- Records from a dataset:

-- -- --

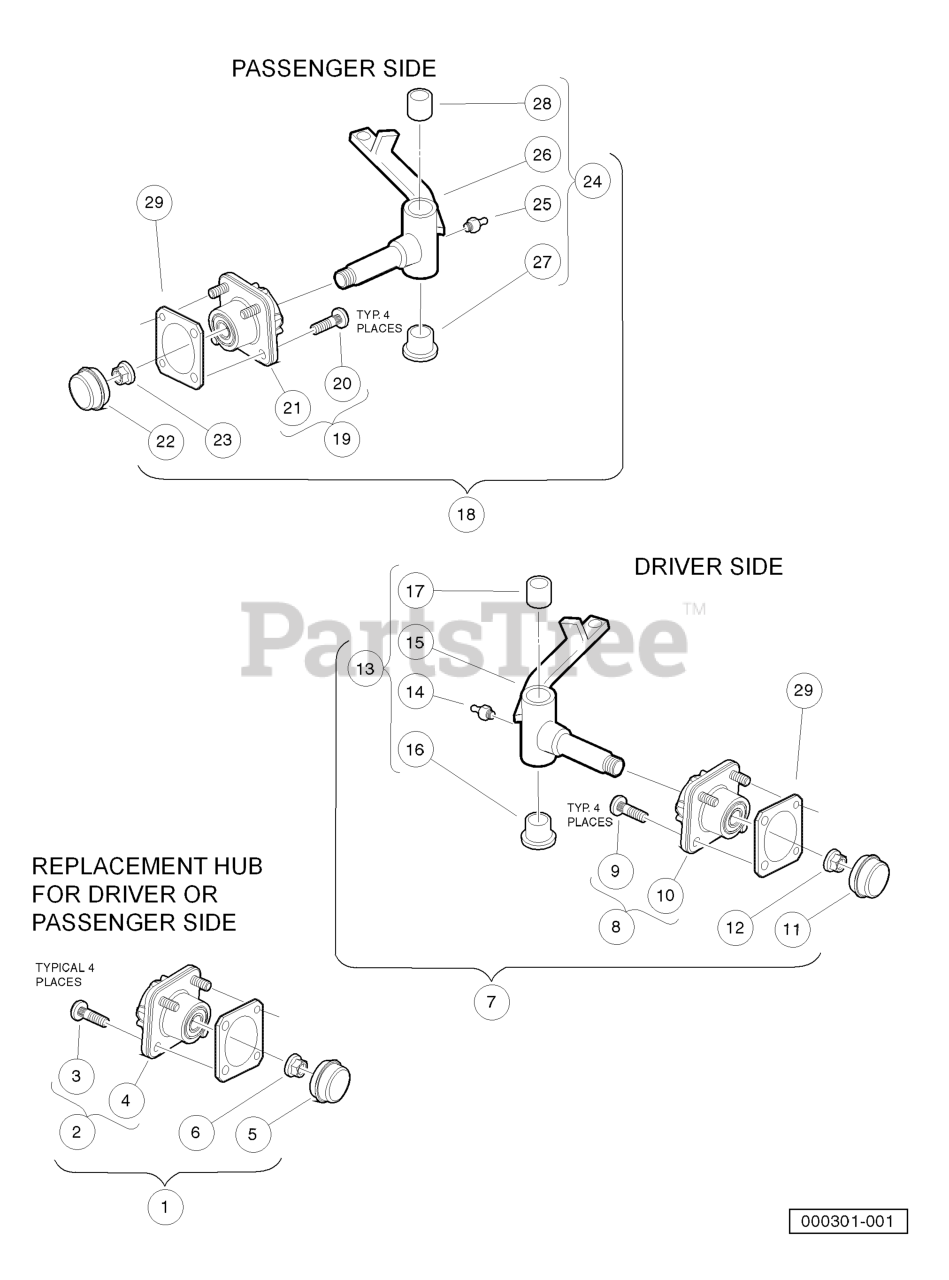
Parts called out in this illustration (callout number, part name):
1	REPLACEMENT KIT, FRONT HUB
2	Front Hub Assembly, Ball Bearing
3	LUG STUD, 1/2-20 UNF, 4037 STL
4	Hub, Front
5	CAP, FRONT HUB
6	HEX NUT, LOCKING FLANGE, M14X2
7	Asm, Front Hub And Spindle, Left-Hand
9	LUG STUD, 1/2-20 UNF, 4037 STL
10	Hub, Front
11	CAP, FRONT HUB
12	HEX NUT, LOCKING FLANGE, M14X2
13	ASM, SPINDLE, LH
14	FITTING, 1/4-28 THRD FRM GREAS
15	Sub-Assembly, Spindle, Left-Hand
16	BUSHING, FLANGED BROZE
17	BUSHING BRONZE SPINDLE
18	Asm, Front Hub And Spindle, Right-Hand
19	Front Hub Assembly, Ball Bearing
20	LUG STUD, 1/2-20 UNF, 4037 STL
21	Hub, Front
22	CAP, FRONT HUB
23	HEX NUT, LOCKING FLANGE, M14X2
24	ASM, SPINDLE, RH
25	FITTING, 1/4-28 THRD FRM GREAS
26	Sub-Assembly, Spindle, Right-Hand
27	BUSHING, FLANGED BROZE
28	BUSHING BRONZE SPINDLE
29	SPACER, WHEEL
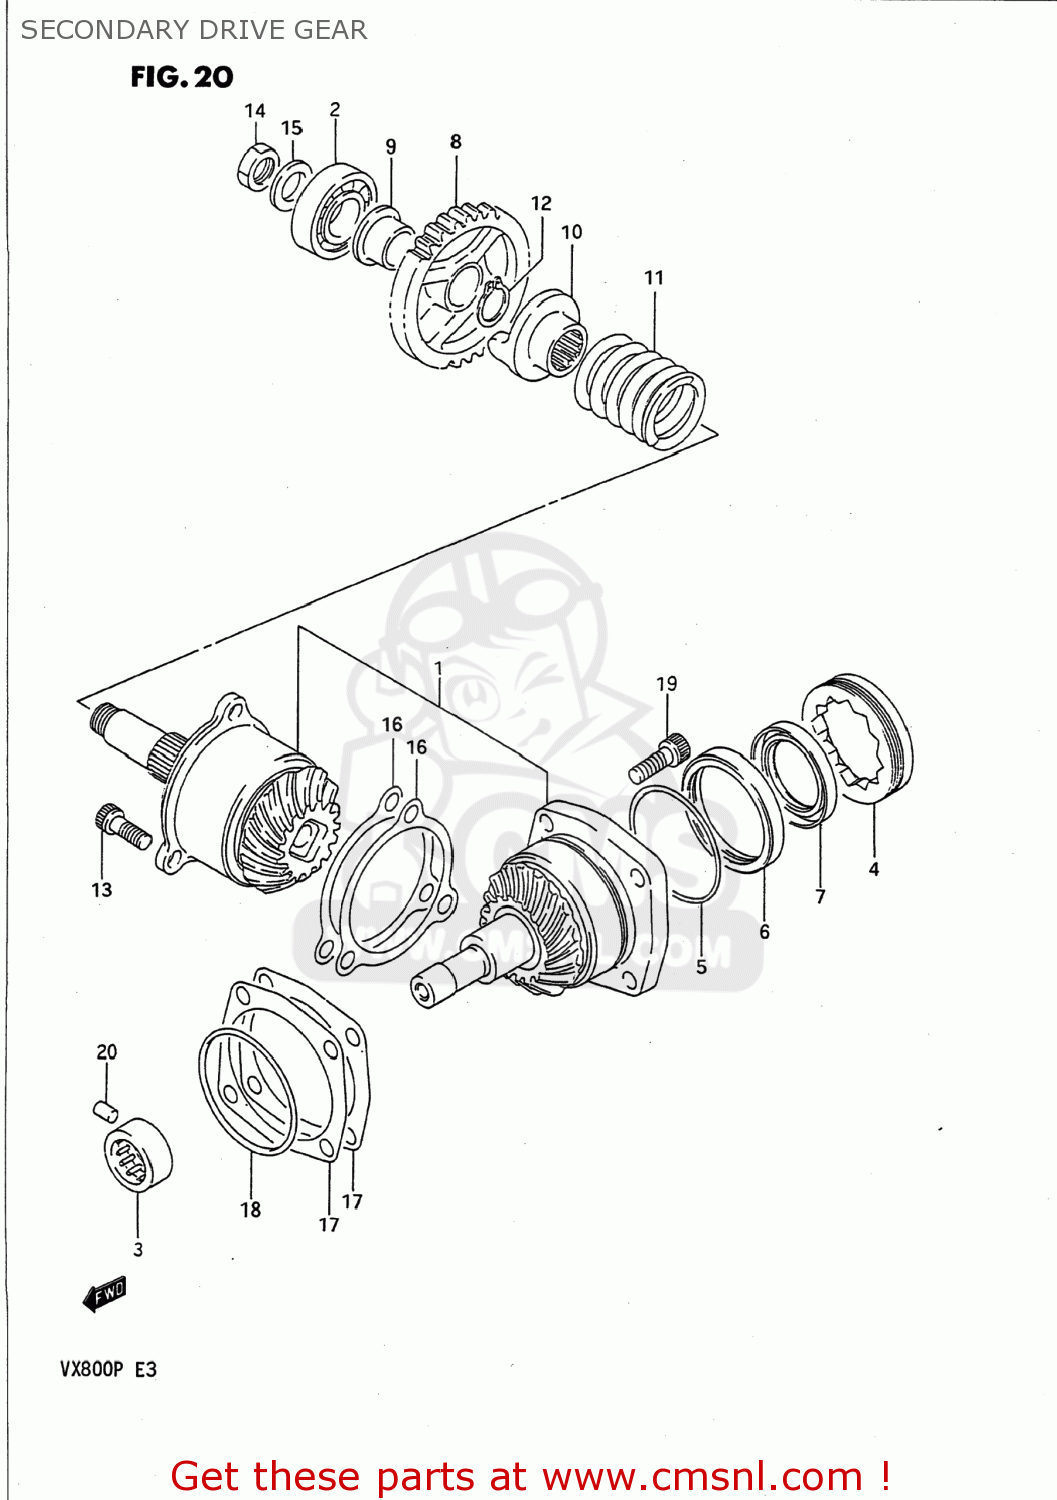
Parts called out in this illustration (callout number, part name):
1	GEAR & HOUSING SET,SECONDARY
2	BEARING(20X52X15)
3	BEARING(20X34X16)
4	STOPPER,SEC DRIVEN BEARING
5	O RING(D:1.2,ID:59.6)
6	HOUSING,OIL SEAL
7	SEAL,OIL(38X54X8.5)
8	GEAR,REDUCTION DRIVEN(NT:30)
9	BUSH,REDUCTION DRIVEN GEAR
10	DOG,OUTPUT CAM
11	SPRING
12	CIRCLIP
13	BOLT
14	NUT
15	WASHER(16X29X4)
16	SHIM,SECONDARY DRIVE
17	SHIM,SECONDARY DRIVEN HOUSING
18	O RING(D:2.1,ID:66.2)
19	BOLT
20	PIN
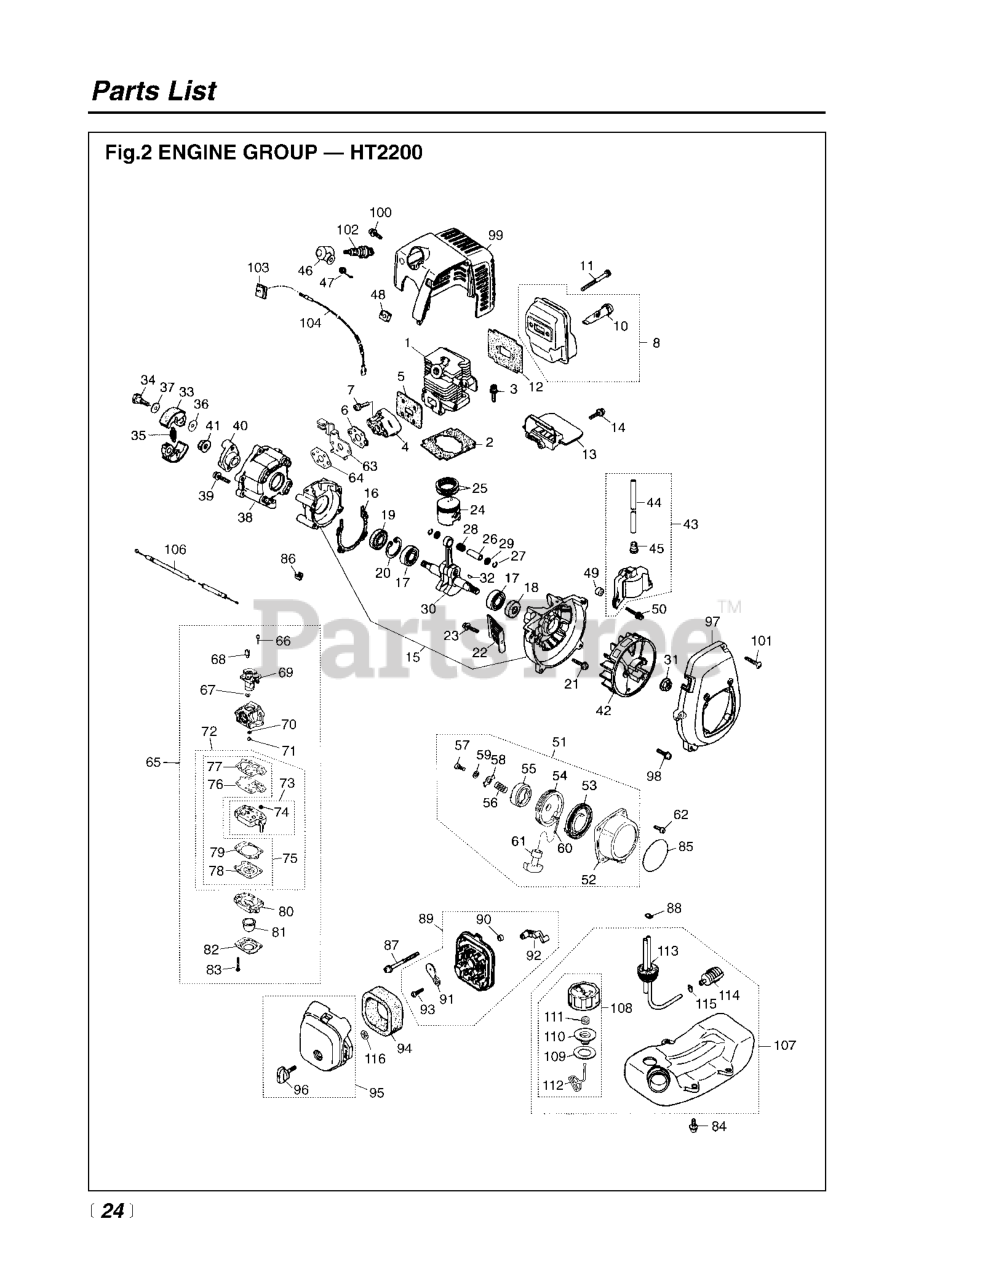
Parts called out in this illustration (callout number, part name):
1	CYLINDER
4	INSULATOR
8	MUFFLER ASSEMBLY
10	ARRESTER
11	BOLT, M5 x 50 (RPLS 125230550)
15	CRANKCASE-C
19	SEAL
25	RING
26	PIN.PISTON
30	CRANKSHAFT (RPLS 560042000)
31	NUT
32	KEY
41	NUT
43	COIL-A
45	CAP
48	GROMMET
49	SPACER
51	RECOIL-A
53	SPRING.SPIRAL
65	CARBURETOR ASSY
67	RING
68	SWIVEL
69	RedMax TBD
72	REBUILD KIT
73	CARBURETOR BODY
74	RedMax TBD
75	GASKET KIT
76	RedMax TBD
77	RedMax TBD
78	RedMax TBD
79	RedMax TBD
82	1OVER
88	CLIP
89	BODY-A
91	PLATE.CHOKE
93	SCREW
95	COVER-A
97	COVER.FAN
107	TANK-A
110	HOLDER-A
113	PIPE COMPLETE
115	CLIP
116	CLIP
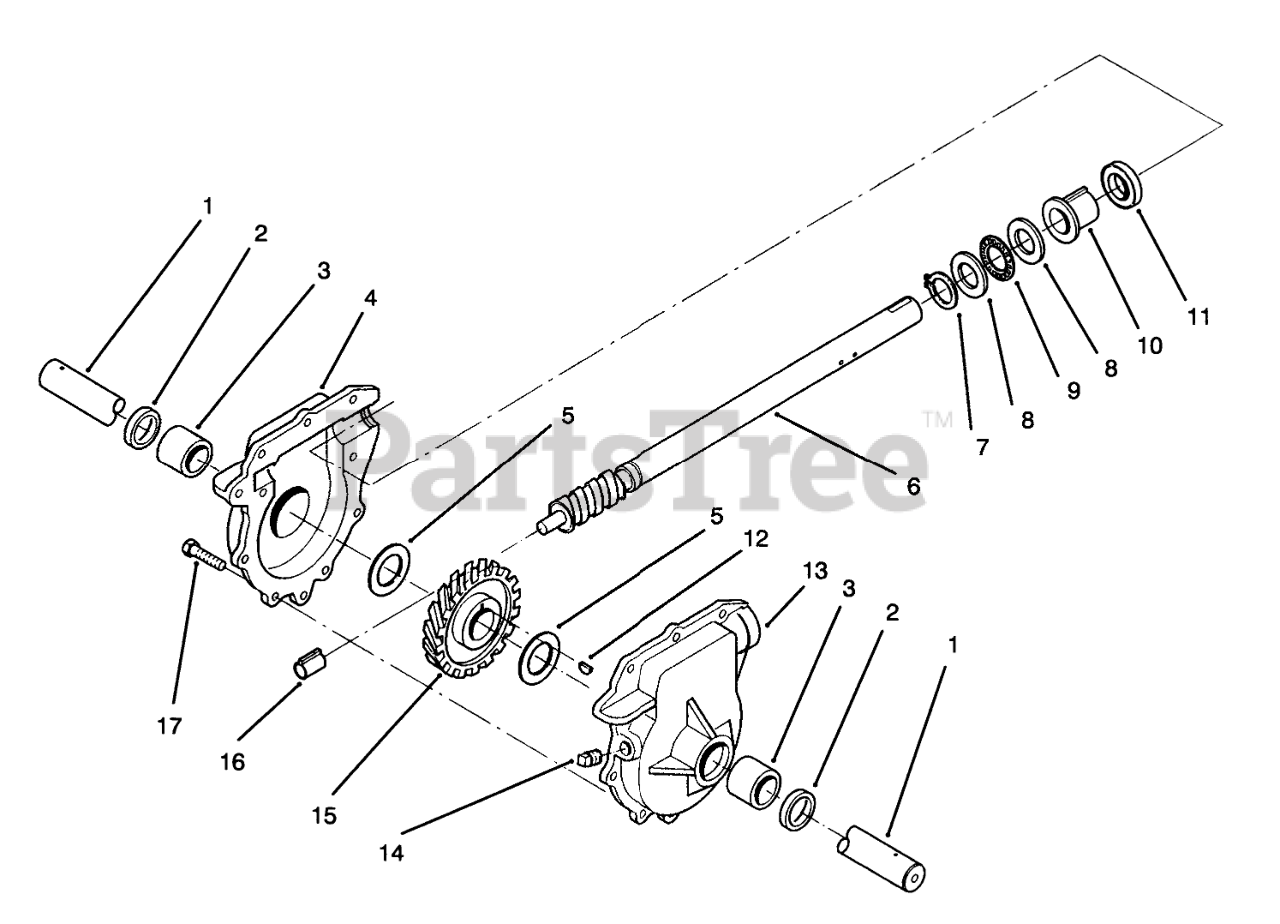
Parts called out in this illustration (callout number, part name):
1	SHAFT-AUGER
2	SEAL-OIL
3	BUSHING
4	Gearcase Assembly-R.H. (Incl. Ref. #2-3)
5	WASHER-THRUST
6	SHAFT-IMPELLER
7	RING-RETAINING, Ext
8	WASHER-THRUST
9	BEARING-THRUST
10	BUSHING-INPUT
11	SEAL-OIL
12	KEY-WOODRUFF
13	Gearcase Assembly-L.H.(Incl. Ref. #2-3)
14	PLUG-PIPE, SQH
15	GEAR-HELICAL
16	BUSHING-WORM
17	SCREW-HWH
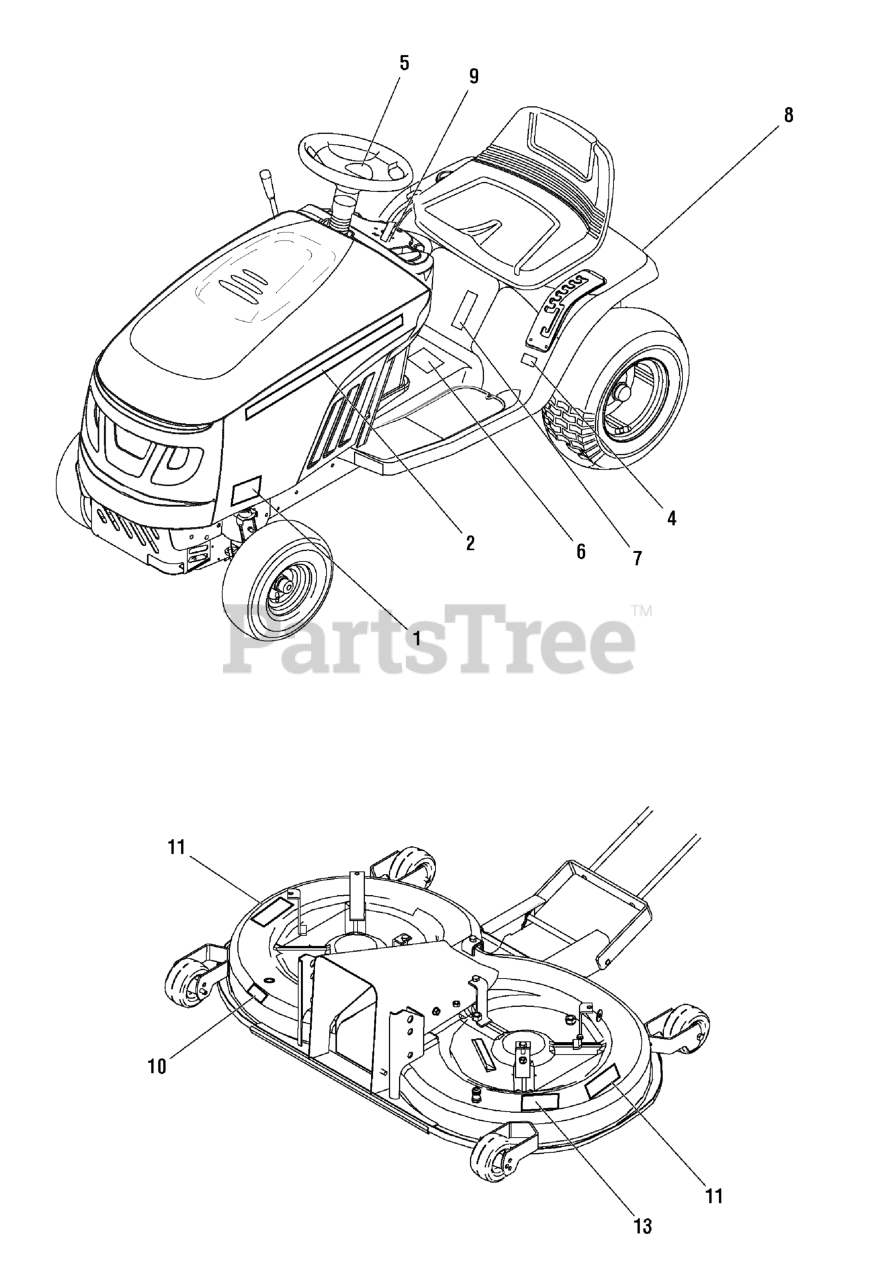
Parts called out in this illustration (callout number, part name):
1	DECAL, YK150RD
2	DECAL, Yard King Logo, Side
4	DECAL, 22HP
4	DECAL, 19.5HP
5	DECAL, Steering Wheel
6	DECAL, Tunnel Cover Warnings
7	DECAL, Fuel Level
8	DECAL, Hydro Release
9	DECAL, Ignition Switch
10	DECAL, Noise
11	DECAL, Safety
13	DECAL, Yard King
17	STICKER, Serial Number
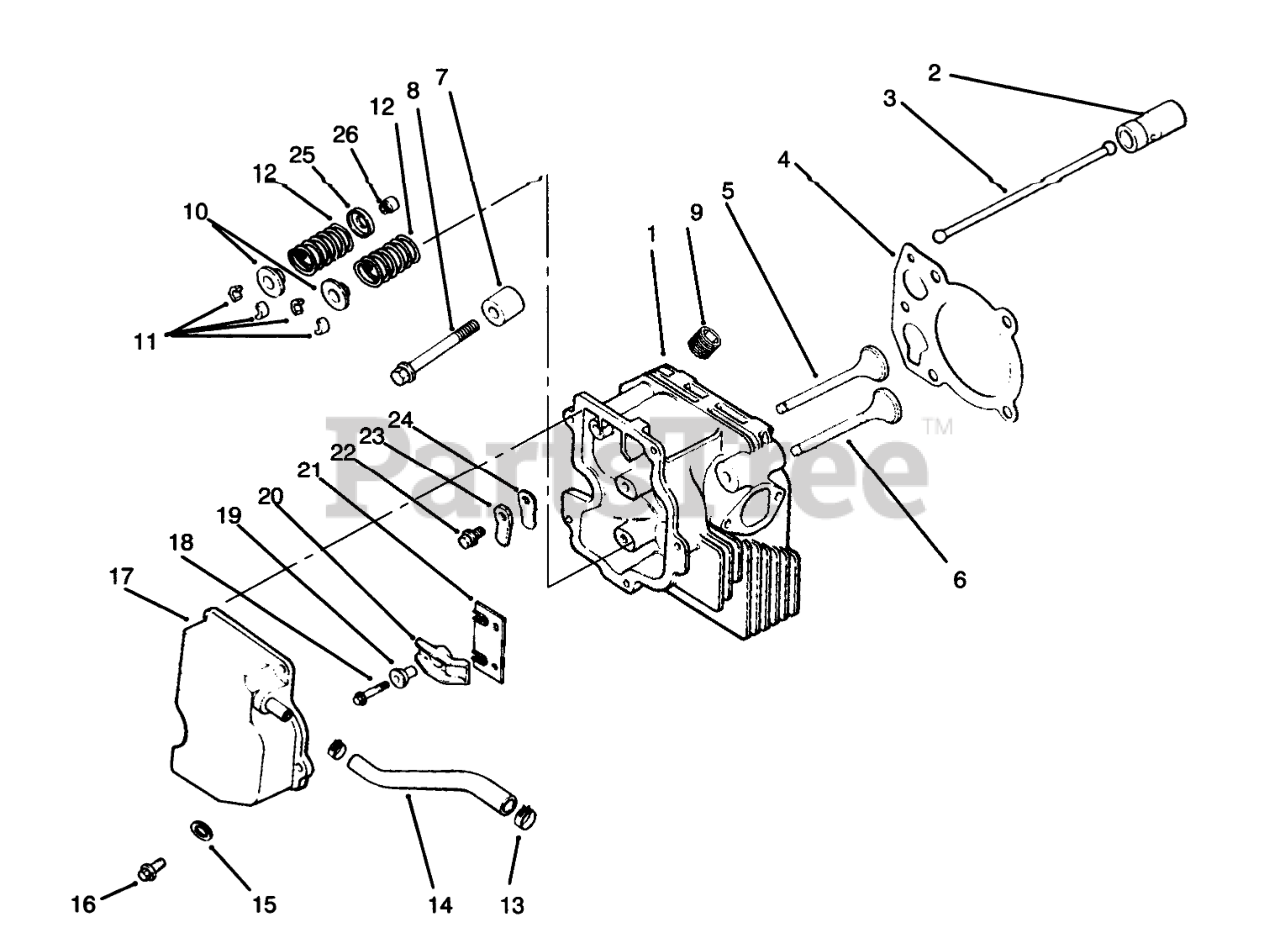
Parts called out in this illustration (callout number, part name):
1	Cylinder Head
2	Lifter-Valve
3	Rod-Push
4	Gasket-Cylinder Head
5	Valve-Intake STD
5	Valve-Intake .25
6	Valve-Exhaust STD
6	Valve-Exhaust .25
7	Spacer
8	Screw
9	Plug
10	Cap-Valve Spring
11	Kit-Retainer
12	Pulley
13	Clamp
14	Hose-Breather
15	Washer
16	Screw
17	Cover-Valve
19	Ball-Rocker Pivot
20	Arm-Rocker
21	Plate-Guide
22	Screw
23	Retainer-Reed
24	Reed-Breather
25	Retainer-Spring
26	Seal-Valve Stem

-- -- --

- YOUR ASSIGNMENT: Write every record out again exactly, omitting the pictures they hold.

- RESULT BELOW:
Parts called out in this illustration (callout number, part name):
1	REPLACEMENT KIT, FRONT HUB
2	Front Hub Assembly, Ball Bearing
3	LUG STUD, 1/2-20 UNF, 4037 STL
4	Hub, Front
5	CAP, FRONT HUB
6	HEX NUT, LOCKING FLANGE, M14X2
7	Asm, Front Hub And Spindle, Left-Hand
9	LUG STUD, 1/2-20 UNF, 4037 STL
10	Hub, Front
11	CAP, FRONT HUB
12	HEX NUT, LOCKING FLANGE, M14X2
13	ASM, SPINDLE, LH
14	FITTING, 1/4-28 THRD FRM GREAS
15	Sub-Assembly, Spindle, Left-Hand
16	BUSHING, FLANGED BROZE
17	BUSHING BRONZE SPINDLE
18	Asm, Front Hub And Spindle, Right-Hand
19	Front Hub Assembly, Ball Bearing
20	LUG STUD, 1/2-20 UNF, 4037 STL
21	Hub, Front
22	CAP, FRONT HUB
23	HEX NUT, LOCKING FLANGE, M14X2
24	ASM, SPINDLE, RH
25	FITTING, 1/4-28 THRD FRM GREAS
26	Sub-Assembly, Spindle, Right-Hand
27	BUSHING, FLANGED BROZE
28	BUSHING BRONZE SPINDLE
29	SPACER, WHEEL
Parts called out in this illustration (callout number, part name):
1	GEAR & HOUSING SET,SECONDARY
2	BEARING(20X52X15)
3	BEARING(20X34X16)
4	STOPPER,SEC DRIVEN BEARING
5	O RING(D:1.2,ID:59.6)
6	HOUSING,OIL SEAL
7	SEAL,OIL(38X54X8.5)
8	GEAR,REDUCTION DRIVEN(NT:30)
9	BUSH,REDUCTION DRIVEN GEAR
10	DOG,OUTPUT CAM
11	SPRING
12	CIRCLIP
13	BOLT
14	NUT
15	WASHER(16X29X4)
16	SHIM,SECONDARY DRIVE
17	SHIM,SECONDARY DRIVEN HOUSING
18	O RING(D:2.1,ID:66.2)
19	BOLT
20	PIN
Parts called out in this illustration (callout number, part name):
1	CYLINDER
4	INSULATOR
8	MUFFLER ASSEMBLY
10	ARRESTER
11	BOLT, M5 x 50 (RPLS 125230550)
15	CRANKCASE-C
19	SEAL
25	RING
26	PIN.PISTON
30	CRANKSHAFT (RPLS 560042000)
31	NUT
32	KEY
41	NUT
43	COIL-A
45	CAP
48	GROMMET
49	SPACER
51	RECOIL-A
53	SPRING.SPIRAL
65	CARBURETOR ASSY
67	RING
68	SWIVEL
69	RedMax TBD
72	REBUILD KIT
73	CARBURETOR BODY
74	RedMax TBD
75	GASKET KIT
76	RedMax TBD
77	RedMax TBD
78	RedMax TBD
79	RedMax TBD
82	1OVER
88	CLIP
89	BODY-A
91	PLATE.CHOKE
93	SCREW
95	COVER-A
97	COVER.FAN
107	TANK-A
110	HOLDER-A
113	PIPE COMPLETE
115	CLIP
116	CLIP
Parts called out in this illustration (callout number, part name):
1	SHAFT-AUGER
2	SEAL-OIL
3	BUSHING
4	Gearcase Assembly-R.H. (Incl. Ref. #2-3)
5	WASHER-THRUST
6	SHAFT-IMPELLER
7	RING-RETAINING, Ext
8	WASHER-THRUST
9	BEARING-THRUST
10	BUSHING-INPUT
11	SEAL-OIL
12	KEY-WOODRUFF
13	Gearcase Assembly-L.H.(Incl. Ref. #2-3)
14	PLUG-PIPE, SQH
15	GEAR-HELICAL
16	BUSHING-WORM
17	SCREW-HWH
Parts called out in this illustration (callout number, part name):
1	DECAL, YK150RD
2	DECAL, Yard King Logo, Side
4	DECAL, 22HP
4	DECAL, 19.5HP
5	DECAL, Steering Wheel
6	DECAL, Tunnel Cover Warnings
7	DECAL, Fuel Level
8	DECAL, Hydro Release
9	DECAL, Ignition Switch
10	DECAL, Noise
11	DECAL, Safety
13	DECAL, Yard King
17	STICKER, Serial Number
Parts called out in this illustration (callout number, part name):
1	Cylinder Head
2	Lifter-Valve
3	Rod-Push
4	Gasket-Cylinder Head
5	Valve-Intake STD
5	Valve-Intake .25
6	Valve-Exhaust STD
6	Valve-Exhaust .25
7	Spacer
8	Screw
9	Plug
10	Cap-Valve Spring
11	Kit-Retainer
12	Pulley
13	Clamp
14	Hose-Breather
15	Washer
16	Screw
17	Cover-Valve
19	Ball-Rocker Pivot
20	Arm-Rocker
21	Plate-Guide
22	Screw
23	Retainer-Reed
24	Reed-Breather
25	Retainer-Spring
26	Seal-Valve Stem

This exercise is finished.